Materials provided:
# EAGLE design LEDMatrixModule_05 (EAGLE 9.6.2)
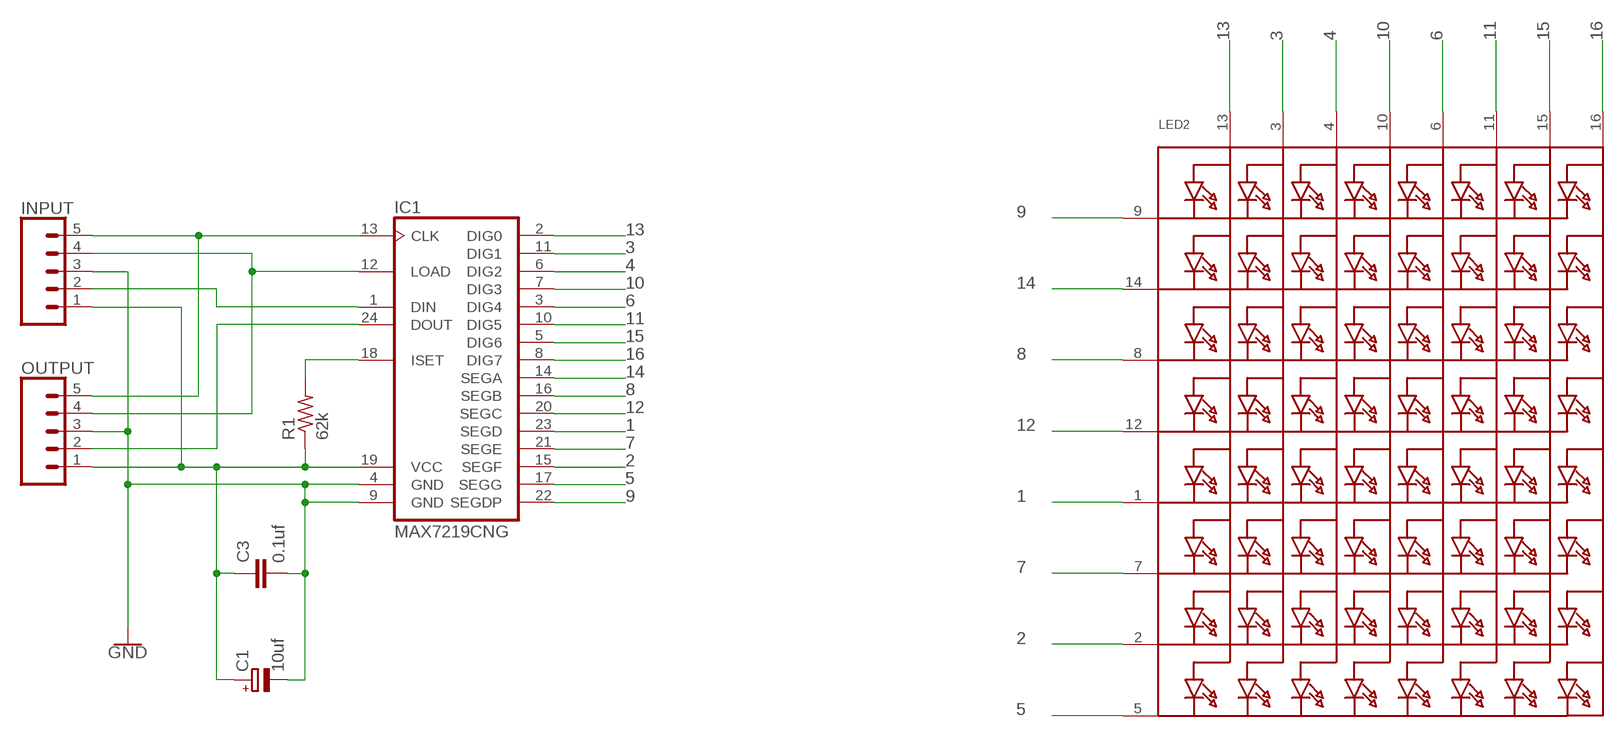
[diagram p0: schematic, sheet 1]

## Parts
C1  10uf  CPOL-EUE2.5-6  [E2,5-6]
C3  0.1uf  C2,5-3  [C2.5-3]
IC1  MAX7219CNG  [DIL24-3]
INPUT  CONN_05  [1X05]
LED2  SEGMENT_8X8_ROWCATHODEBL-M15  [SEGMENT_BL-M15A881]
OUTPUT  CONN_05  [1X05]
R1  62k  R-US_0309/10  [0309/10]

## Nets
1: IC1.23(SEGD) LED2.1(K5)
2: IC1.15(SEGF) LED2.2(K7)
3: IC1.11(DIG1) LED2.3(A2)
4: IC1.6(DIG2) LED2.4(A3)
5: IC1.17(SEGG) LED2.5(K8)
6: IC1.3(DIG4) LED2.6(A5)
7: IC1.21(SEGE) LED2.7(K6)
8: IC1.16(SEGB) LED2.8(K3)
9: IC1.22(SEGDP) LED2.9(K1)
10: IC1.7(DIG3) LED2.10(A4)
11: IC1.10(DIG5) LED2.11(A6)
12: IC1.20(SEGC) LED2.12(K4)
13: IC1.2(DIG0) LED2.13(A1)
14: IC1.14(SEGA) LED2.14(K2)
15: IC1.5(DIG6) LED2.15(A7)
16: IC1.8(DIG7) LED2.16(A8)
GND: C1.- C3.2 IC1.4(GND) IC1.9(GND) INPUT.3 OUTPUT.3
N$1: IC1.13(CLK) INPUT.5 OUTPUT.5
N$2: C1.+ C3.1 IC1.19(VCC) INPUT.1 OUTPUT.1 R1.1
N$3: IC1.18(ISET) R1.2
N$4: IC1.24(DOUT) OUTPUT.2
N$5: IC1.1(DIN) INPUT.2
N$6: IC1.12(LOAD) INPUT.4 OUTPUT.4

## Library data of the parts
C1 = rcl:CPOL-EU: POLARIZED CAPACITOR, European symbol
C3 = capacitor-wima:C: CAPACITOR
IC1 = max7219:MAX7219CNG: LED DISPLAY DRIVER; MF: MAXIM; MPN: MAX7219CNG; OC_FARNELL: 1523914; OC_NEWARK: 34C4018
INPUT OUTPUT = SparkFun-Connectors:CONN_05: Multi connection point. Often used as Generic Header-pin footprint for 0.1 inch spaced/style header connections On any of the 0.1 inch spaced packages, you can populate with these: Break Away Headers - Straight (PRT-00116) Break Away Male Headers - Right Angle (PRT-00553) Female Headers (PRT-00115)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
LED2 = adafruit:SEGMENT_8X8_ROWCATHODE: 8x8 LED Segment Displays: Row = Cathode 0.7" Red 8X8 Matrix, 1.9mm Round LEDs - BL-M07C881UR 1.2" Red 8x8 Matrix, 3.0mm Round LEDs - BL-M12A881UR 1.2" Red 8x8 Matrix, 3.0mm Square LEDs - BL-M12A883
R1 = BeagleBone_Black_Wireless:R-US_: RESISTOR, American symbol

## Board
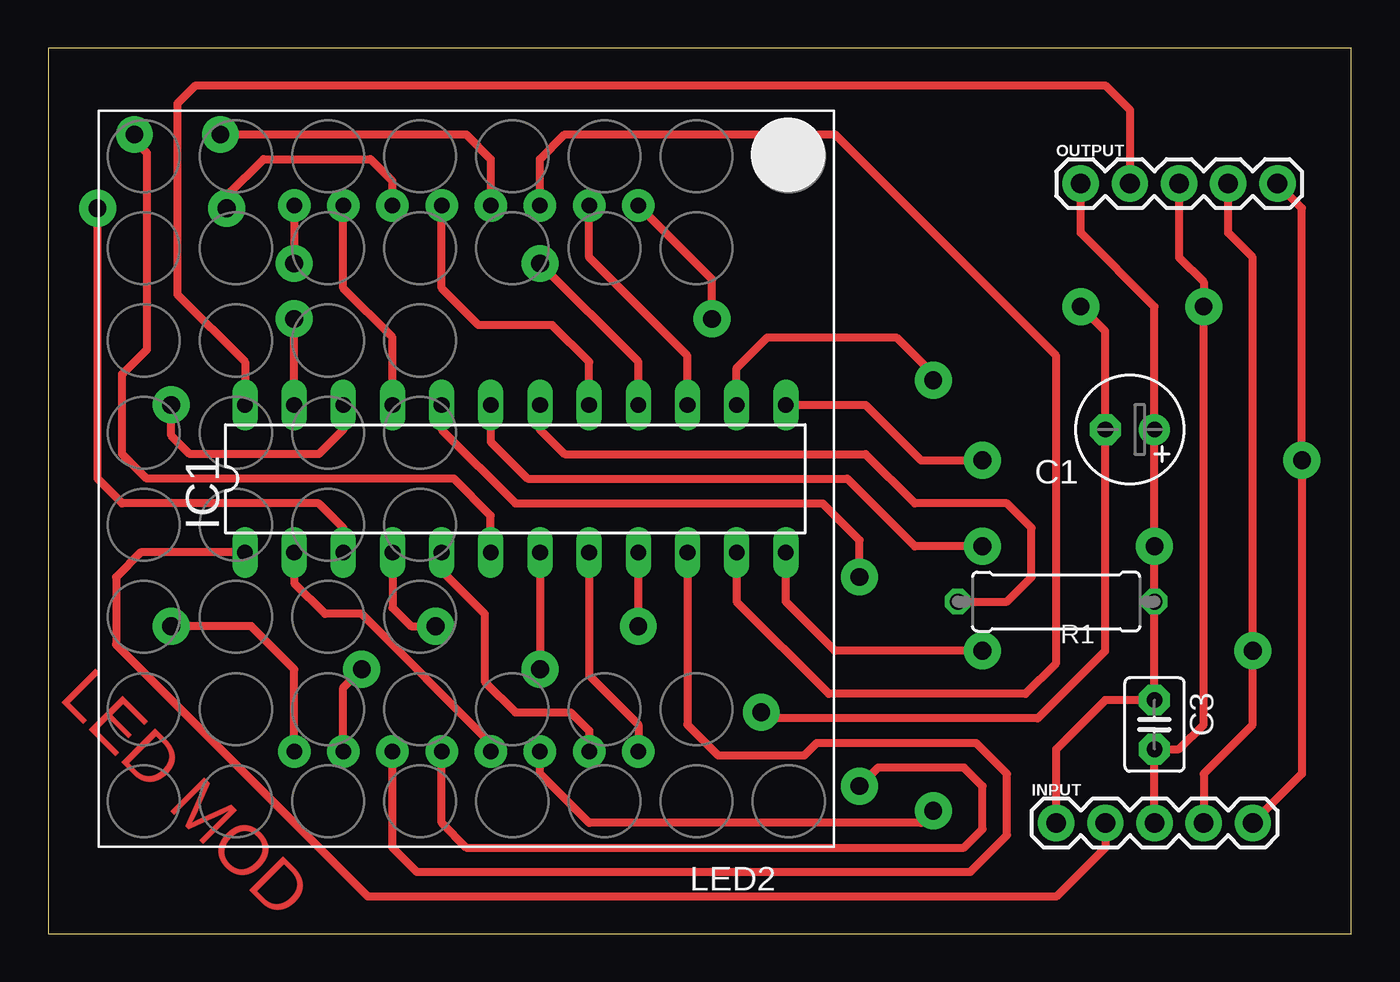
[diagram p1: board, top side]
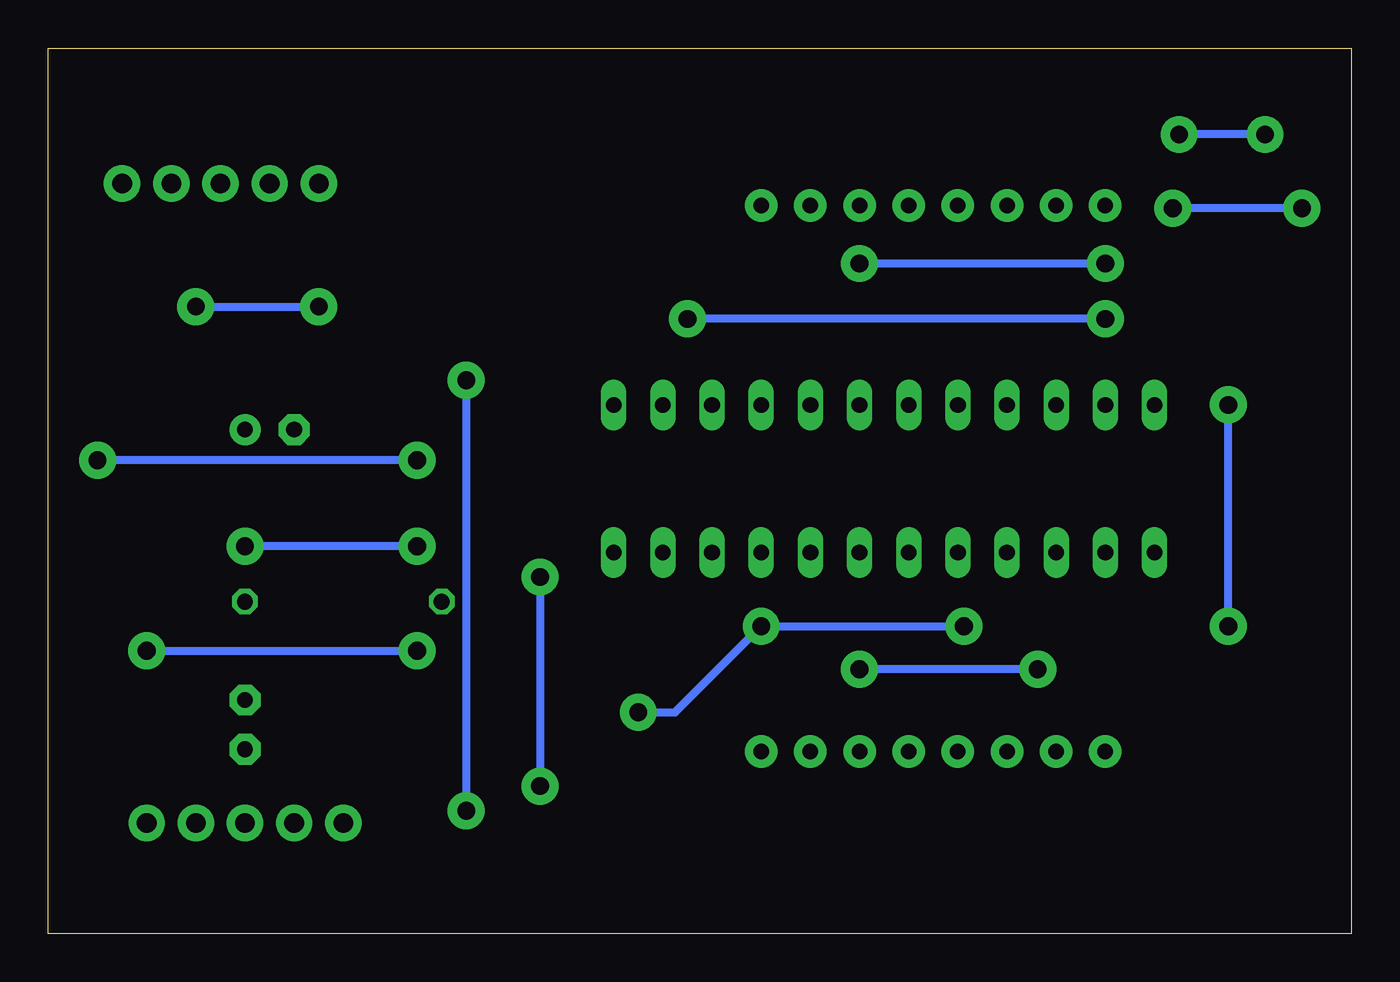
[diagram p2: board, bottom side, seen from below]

Size 67.31 x 45.72 mm. Coordinates in mm from the lower left corner, seen from the top.
Outline: 0,0 67.31,0 67.31,45.72 0,45.72 0,0
Copper layers (1*16): Top 0.035mm / dielectric 1.5mm / Bottom 0.035mm
Design rules "default": minimum track width 10mil, minimum drill 24mil, track to track 8mil, track to pad 8mil, pad to pad 8mil, via to via 8mil, smd to smd 8mil, copper to edge 40mil, drill to drill 8mil, minimum pad ring 10mil, minimum via ring 8mil, stop-mask expansion 4mil, vias tented up to drill 0mil, thermal gap 10mil

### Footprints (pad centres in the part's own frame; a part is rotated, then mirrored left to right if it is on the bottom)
E2,5-6 = drill 0.813 pad 1.6: + -1.27,0 | drill 0.813 pad 1.6 octagon: - 1.27,0
C2.5-3 = drill 0.813 pad 1.6 octagon: 1 -1.27,0; 2 1.27,0
DIL24-3 = drill 0.813 long: 1 -13.97,-3.81; 2 -11.43,-3.81; 3 -8.89,-3.81; 4 -6.35,-3.81; 5 -3.81,-3.81; 6 -1.27,-3.81; 7 1.27,-3.81; 8 3.81,-3.81; 9 6.35,-3.81; 10 8.89,-3.81; 11 11.43,-3.81; 12 13.97,-3.81; 13 13.97,3.81; 14 11.43,3.81; 15 8.89,3.81; 16 6.35,3.81; 17 3.81,3.81; 18 1.27,3.81; 19 -1.27,3.81; 20 -3.81,3.81; 21 -6.35,3.81; 22 -8.89,3.81; 23 -11.43,3.81; 24 -13.97,3.81
1X05 = drill 1.016 pad 1.88: 1 0,0; 2 2.54,0; 3 5.08,0; 4 7.62,0; 5 10.16,0
SEGMENT_BL-M15A881 = drill 0.8 pad 1.676: 1 -8.89,-14.1; 2 -6.35,-14.1; 3 -3.81,-14.1; 4 -1.27,-14.1; 5 1.27,-14.1; 6 3.81,-14.1; 7 6.35,-14.1; 8 8.89,-14.1; 9 8.89,14.1; 10 6.35,14.1; 11 3.81,14.1; 12 1.27,14.1; 13 -1.27,14.1; 14 -3.81,14.1; 15 -6.35,14.1; 16 -8.89,14.1
0309/10 = drill 0.813 octagon: 1 -5.08,0; 2 5.08,0

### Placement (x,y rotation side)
C1  55.88,26.04 180 top
C3  57.15,10.79 270 top
IC1  24.13,23.5 0 top
INPUT  52.07,5.71 0 top
LED2  21.59,23.5 180 top
OUTPUT  53.34,38.73 0 top
R1  52.07,17.14 180 top

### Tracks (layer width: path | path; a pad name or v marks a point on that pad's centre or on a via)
1  (via drill 0.91 pad 1.91)
  Top 0.406: IC1.23 v12.7,31.75 | v34.29,31.75 34.29,33.78 LED2.1
  Bottom 0.406: v12.7,31.75 v34.29,31.75
2
  Top 0.406: IC1.15 33.02,29.84 27.94,34.92 LED2.2
3
  Top 0.406: IC1.11 35.56,17.14 40.32,12.38 50.48,12.38 52.07,13.97 52.07,29.84 40.64,41.27 26.67,41.27 25.4,40.01 LED2.3
4  (via drill 0.91 pad 1.91)
  Top 0.406: v8.89,41.27 21.59,41.27 22.86,40.01 LED2.4 | v4.45,41.27 4.45,40.96 5.08,40.32 5.08,30.16 3.81,28.89 3.81,24.77 5.08,23.5 20.95,23.5 22.86,21.59 IC1.6
  Bottom 0.406: v4.45,41.27 v8.89,41.27
5
  Top 0.406: IC1.17 27.94,29.53 26.04,31.43 22.23,31.43 20.32,33.34 LED2.5
6  (via drill 0.91 pad 1.91)
  Top 0.406: IC1.3 15.24,20.95 13.97,22.23 3.81,22.23 2.54,23.5 v2.54,37.47 | LED2.6 17.78,38.87 16.64,40.01 11.11,40.01 9.21,38.1 v9.21,37.47
  Bottom 0.406: v2.54,37.47 v9.21,37.47
7
  Top 0.406: IC1.21 17.78,30.8 15.24,33.34 LED2.7
8  (via drill 0.91 pad 1.91)
  Top 0.406: IC1.16 30.48,29.53 v25.4,34.61 | LED2.8 v12.7,34.61
  Bottom 0.406: v12.7,34.61 v25.4,34.61
9  (via drill 0.91 pad 1.91)
  Top 0.406: IC1.22 15.24,26.04 13.97,24.77 7.3,24.77 6.35,25.72 v6.35,27.3 | LED2.9 12.7,13.65 10.48,15.88 v6.35,15.88
  Bottom 0.406: v6.35,15.88 v6.35,27.3
10  (via drill 0.91 pad 1.91)
  Top 0.406: IC1.7 v25.4,13.65 | LED2.10 15.24,12.7 v16.19,13.65
  Bottom 0.406: v16.19,13.65 v25.4,13.65
11
  Top 0.406: LED2.11 17.78,4.45 19.05,3.17 47.62,3.17 49.53,5.08 49.53,8.26 47.94,9.84 39.69,9.84 39.05,9.21 34.61,9.21 33.02,10.79 IC1.10
12  (via drill 0.91 pad 1.91)
  Top 0.406: LED2.12 20.32,5.71 21.59,4.45 47.31,4.45 48.26,5.4 48.26,7.62 47.31,8.57 42.86,8.57 v41.91,7.62 | IC1.20 20.32,26.04 24.13,22.23 40.01,22.23 41.91,20.32 v41.91,18.41
  Bottom 0.406: v41.91,18.41 v41.91,7.62
13
  Top 0.406: IC1.2 12.7,18.1 14.29,16.51 16.19,16.51 22.86,9.84 LED2.13
14  (via drill 0.91 pad 1.91)
  Top 0.406: LED2.14 25.4,8.26 27.94,5.71 45.09,5.71 v45.72,6.35 | IC1.14 35.56,29.21 37.15,30.8 43.81,30.8 45.72,28.89 v45.72,28.57
  Bottom 0.406: v45.72,28.57 v45.72,6.35
15
  Top 0.406: IC1.5 20.32,18.73 22.54,16.51 22.54,13.02 24.13,11.43 26.99,11.43 27.94,10.48 LED2.15
16
  Top 0.406: LED2.16 30.48,10.79 27.94,13.34 IC1.8
GND  (via drill 0.91 pad 1.91)
  Top 0.406: INPUT.3 C3.2 58.42,9.53 59.69,10.79 v59.69,32.38 59.69,33.66 58.42,34.92 OUTPUT.3 | v30.48,15.88 IC1.9 | v53.34,32.38 54.61,31.11 C1.- 54.61,14.61 51.12,11.11 37.15,11.11 v36.83,11.43 | IC1.4 17.78,16.83 18.73,15.88 v20,15.88
  Bottom 0.406: v20,15.88 v30.48,15.88 34.92,11.43 v36.83,11.43 | v59.69,32.38 v53.34,32.38
N$1  (via drill 0.91 pad 1.91)
  Top 0.406: IC1.13 42.23,27.3 45.09,24.45 v48.26,24.45 | INPUT.5 64.77,8.26 v64.77,24.45 64.77,37.47 OUTPUT.5
  Bottom 0.406: v48.26,24.45 v64.77,24.45
N$2  (via drill 0.91 pad 1.91)
  Top 0.406: INPUT.1 52.07,9.53 54.61,12.06 C3.1 R1.1 v57.15,20 C1.+ 57.15,32.38 53.34,36.2 OUTPUT.1 | v48.26,20 44.77,20 41.27,23.5 24.77,23.5 22.86,25.4 IC1.19
  Bottom 0.406: v48.26,20 v57.15,20
N$3
  Top 0.406: IC1.18 25.4,26.04 26.67,24.77 42.23,24.77 44.77,22.23 49.53,22.23 50.8,20.95 50.8,18.41 49.53,17.14 R1.2
N$4
  Top 0.406: OUTPUT.2 55.88,42.55 54.61,43.81 7.62,43.81 6.67,42.86 6.67,33.02 10.16,29.53 IC1.24
N$5
  Top 0.406: IC1.1 4.76,19.68 3.49,18.41 3.49,14.92 16.51,1.91 52.07,1.91 54.61,4.45 INPUT.2
N$6  (via drill 0.91 pad 1.91)
  Top 0.406: INPUT.4 59.69,8.26 62.23,10.79 v62.23,14.61 62.23,34.92 60.96,36.2 OUTPUT.4 | IC1.12 38.1,17.14 40.64,14.61 v48.26,14.61
  Bottom 0.406: v62.23,14.61 v48.26,14.61

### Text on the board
Top: LED MOD

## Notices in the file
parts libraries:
SparkFun-Connectors: Licensing: Creative Commons ShareAlike 4.0 International - https://creativecommons.org/licenses/by-sa/4.0

Exercise:
Copy every line of the data where "diagram" is found.

Answer to this problem:
[diagram p0: schematic, sheet 1]
[diagram p1: board, top side]
[diagram p2: board, bottom side, seen from below]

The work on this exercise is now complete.